Por influência de outros dois irmãos (um, cenógrafo, e outro, ator), desde jovem Julio era aficionado pelo teatro. Chegou a atuar como amador em uma companhia de atores que fazia excursões para cidades do interior do Estado do Rio Grande do Sul. E foi por ocasião de uma dessas apresentações do seu grupo teatral, no município de Bento Gonçalves, que conheceu aquela que viria a ser sua esposa, Anita Zanoni. Em 1910, casado, transferiu residência para o município de Anita, local onde também inaugurou um estúdio de fotografia, passando a praticar o ofício que havia aprendido com o famoso irmão Virgílio (ganhador de diversos prêmios em exposições nacionais e internacionais) em Porto Alegre.

Alguns anos mais tarde, em 1916, Julio transferiu seu estúdio fotográfico para a próspera cidade de Caxias, na qual acreditava teria maior clientela. A essa época, a cidade de Caxias já possuía ligação ferroviária com a capital, luz elétrica, rede telefônica, 160 estabelecimentos comerciais, e contava com, aproximadamente, 7.500 habitantes. Em outras palavras, a cidade apresentava um crescimento demográfico e econômico muito atraente para aqueles que desejavam prosperar.

Em Caxias, o primeiro estabelecimento fotográfico de Julio Calegari foi montado em sociedade com Adauto Cruz, à época, vice-intendente municipal. Em 24 de dezembro de 1916, o jornal O Estímulo noticiava a abertura de “um bem montado atelier photographico”, localizado na “rua Julio de Castilhos, defronte à Praça Dante Alighieri”, sob a firma “Callegari e Cruz”.[i] Pouco tempo depois, em 1920, Calegari transferiu-se para a rua Sinimbu, também em frente à praça central, no mesmo casarão que havia abrigado o estúdio do fotógrafo Giovanni Battista Serafini (1869-1954). Julio permaneceu com seu atelier nesse local até a metade da década de 1920, quando mudou-se definitivamente para outra altura da avenida Júlio de Castilhos, entre as atuais ruas Marechal Floriano e Moreira César.

Como é possível perceber em uma fotografia do interior do novo atelier do fotógrafo, a sala onde eram produzidos os retratos possuía amplas janelas e uma claraboia envidraçada para aproveitar ao máximo a luz natural. Leves cortinas abauladas, fixadas no teto, serviam como difusores das luzes mais duras que alumiavam o local, e eram movimentadas conforme o efeito de iluminação que o fotógrafo desejava obter. O atelier possuía diversos painéis para serem utilizados como fundo cênico, alguns neutros e outros com pinturas de paisagens bucólicas ou de inspiração clássica. Mesas de centro, colunas gregas, bancos, cadeiras, tapete de pele de animal, vasos com flores, e até uma balaustrada perfaziam a lista de móveis disponíveis para comporem as cenas fotografadas, tudo ao gosto moderno do freguês.
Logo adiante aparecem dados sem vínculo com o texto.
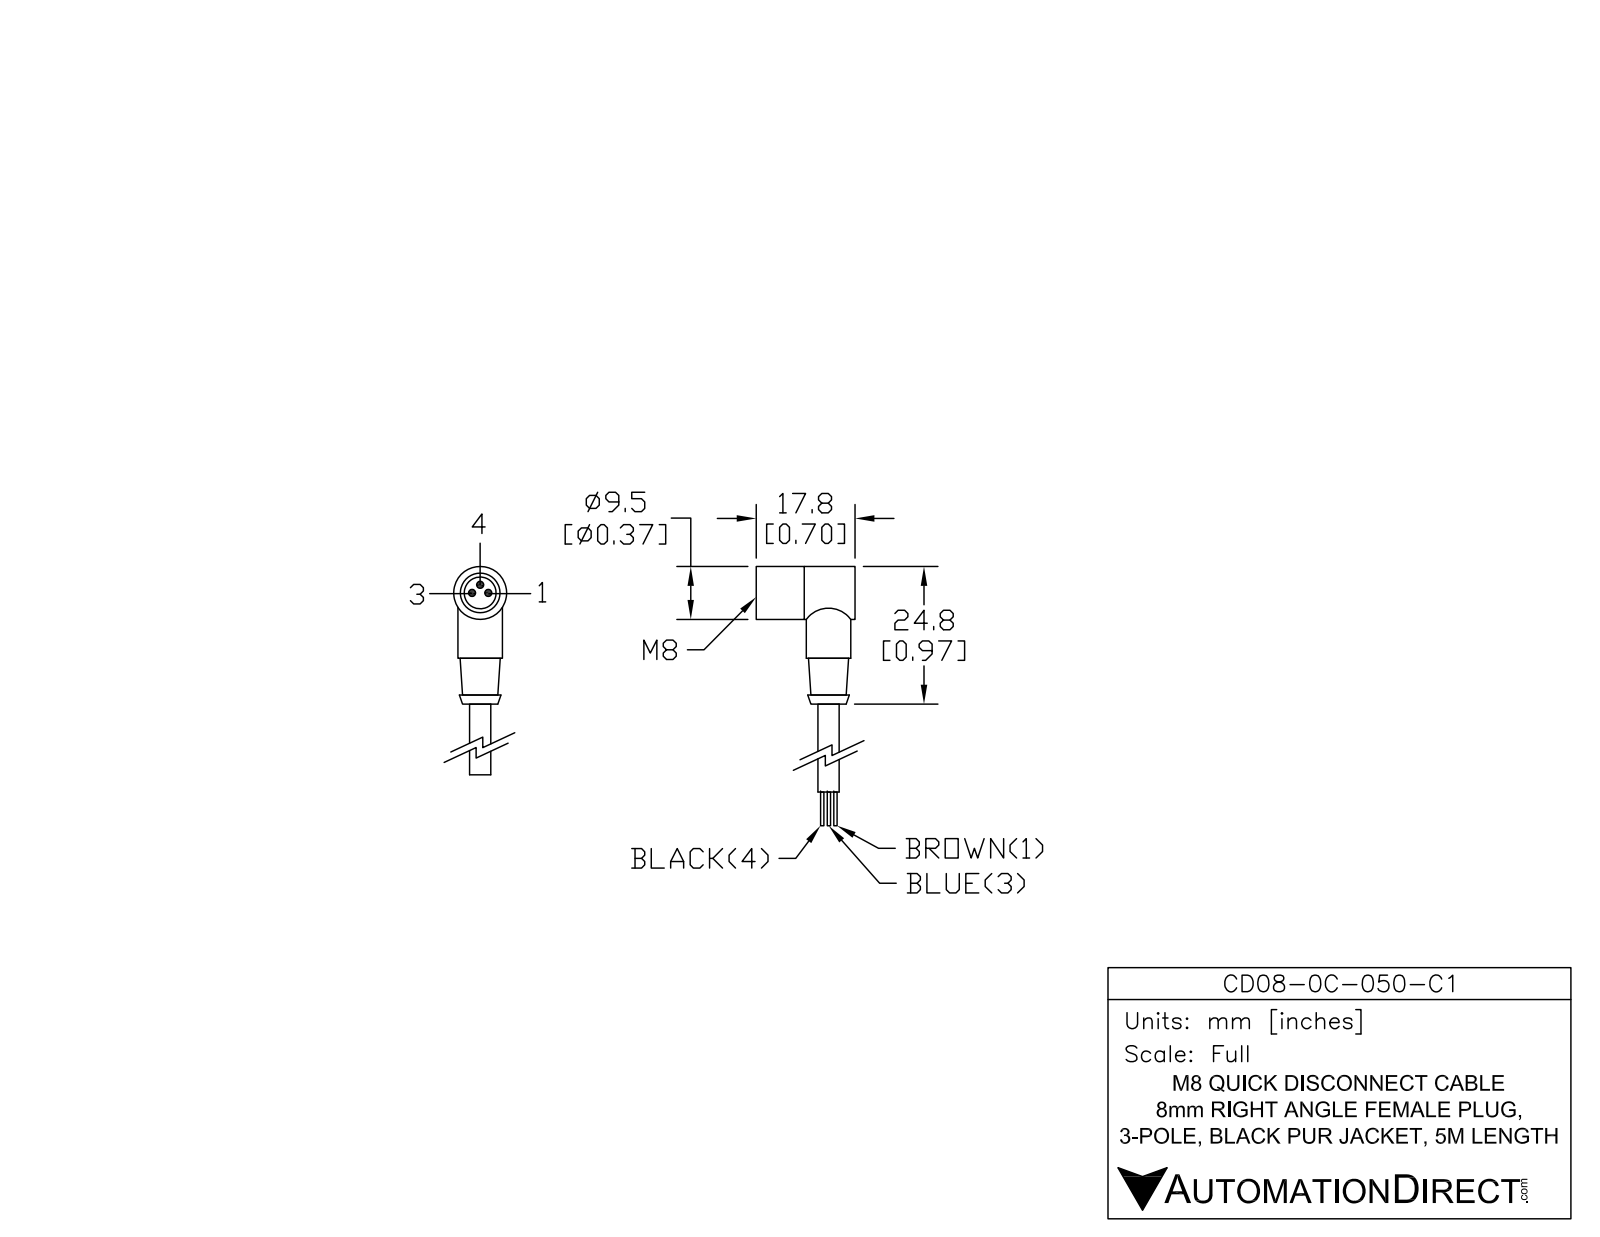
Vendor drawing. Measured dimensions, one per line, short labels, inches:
name: CD08-0C-050-C1
written by: SolidWorks 2017 (AUTOMOTIVE_DESIGN)
unit: in
bodies: 4 solids, 307 faces (222 planar, 82 cylindrical, 3 other)
size: 5.063 × 0.752 × 0.394
volume: 0.261 in³; area: 5.112 in²
holes: 3× ⌀0.035, 1× ⌀0.22, 1× ⌀0.315
bosses: 2× ⌀0.394, 1× ⌀0.26, 1× ⌀0.217, 1× ⌀0.189
rounds: 1× R0.02, 1× R0.193
face distances: 0.354, 0.024, 0.181, 0.122, 0.157, 0.28, 0.303, 3.937, 0.098, 0.205
hole spacings: 0.063, 0.089, 0.126

Conforme recorda um ajudante de longa data do Atelier Calegari, o Sr. Ernesto Troian[ii], o fotógrafo Julio Calegari estudava atentamente a fisionomia do cliente antes de produzir o seu retrato. Em uma sala de espera, onde também ficavam expostos os trabalhos do fotógrafo, Calegari mantinha conversa por um bom tempo com o freguês enquanto o observava para escolher o seu “ângulo fotogênico” antes da pose. Nesse ínterim, o fotógrafo também aproveitava para conhecer o caráter e as virtudes do cliente, na tentativa de vir a produzir um legítimo retrato íntimo, que destacasse tanto as qualidades físicas quanto morais do sujeito.

Muitos trabalhos do fotógrafo circulavam em diferentes locais da cidade. Em 1927, o jornal O Popular noticiava a exposição de uma “bellisima colecção de quadros com retratos da senhorita Zaíra Eberle”, vencedora de um “concurso de formosura”, na “vitrine da alfaiataria Rufino Henriques”.[iii] Em 1934, o Caxias Jornal comunicava a “oferta de belissimo e artistico quadro”, produzido no “atelier do sr. Julio Calegari, artista-fotógrafo”, para nele “figurar a fotografia da rainha da Festa da Uva [festa popular da cidade que estava em sua terceira edição]”.[iv] E, em 1935, o jornal O Momento informava sobre exposição, no próprio atelier do fotógrafo, de “uma linda fotografia, em quadro emoldurado, do sr. Abramo Eberle [famoso industrialista local]”. O quadro media “quasi um metro de altura” e já havia sido “admirado por diversas pessoas”.[v]

Os efeitos de iluminação que Julio Calegari criava para produzir os retratos confeccionados em seu Atelier eram “marca registrada” do fotógrafo na cidade. Inspirado na arte pictórica, Calegari costumava utilizar a chamada “luz Rembrandt”, uma iluminação unilateral que atingia apenas um lado da face do sujeito (deixando o restante na penumbra), o que resultava em um retrato com maior dramaticidade. Outros efeitos praticados pelo “artista-fotógrafo” eram um leve desfoque e o flou, um efeito artístico que dava a impressão de a figura retratada estar envolta em uma nuvem, este mais comum em cartes-cabinet produzidos pelo Atelier. Ao desfocar propositalmente algumas áreas da imagem, o resultado conseguido pelo fotógrafo eram cenas com menor definição de linhas, o que dava a impressão de a imagem vista ter sido produzida pelas pinceladas imprecisas de um pintor.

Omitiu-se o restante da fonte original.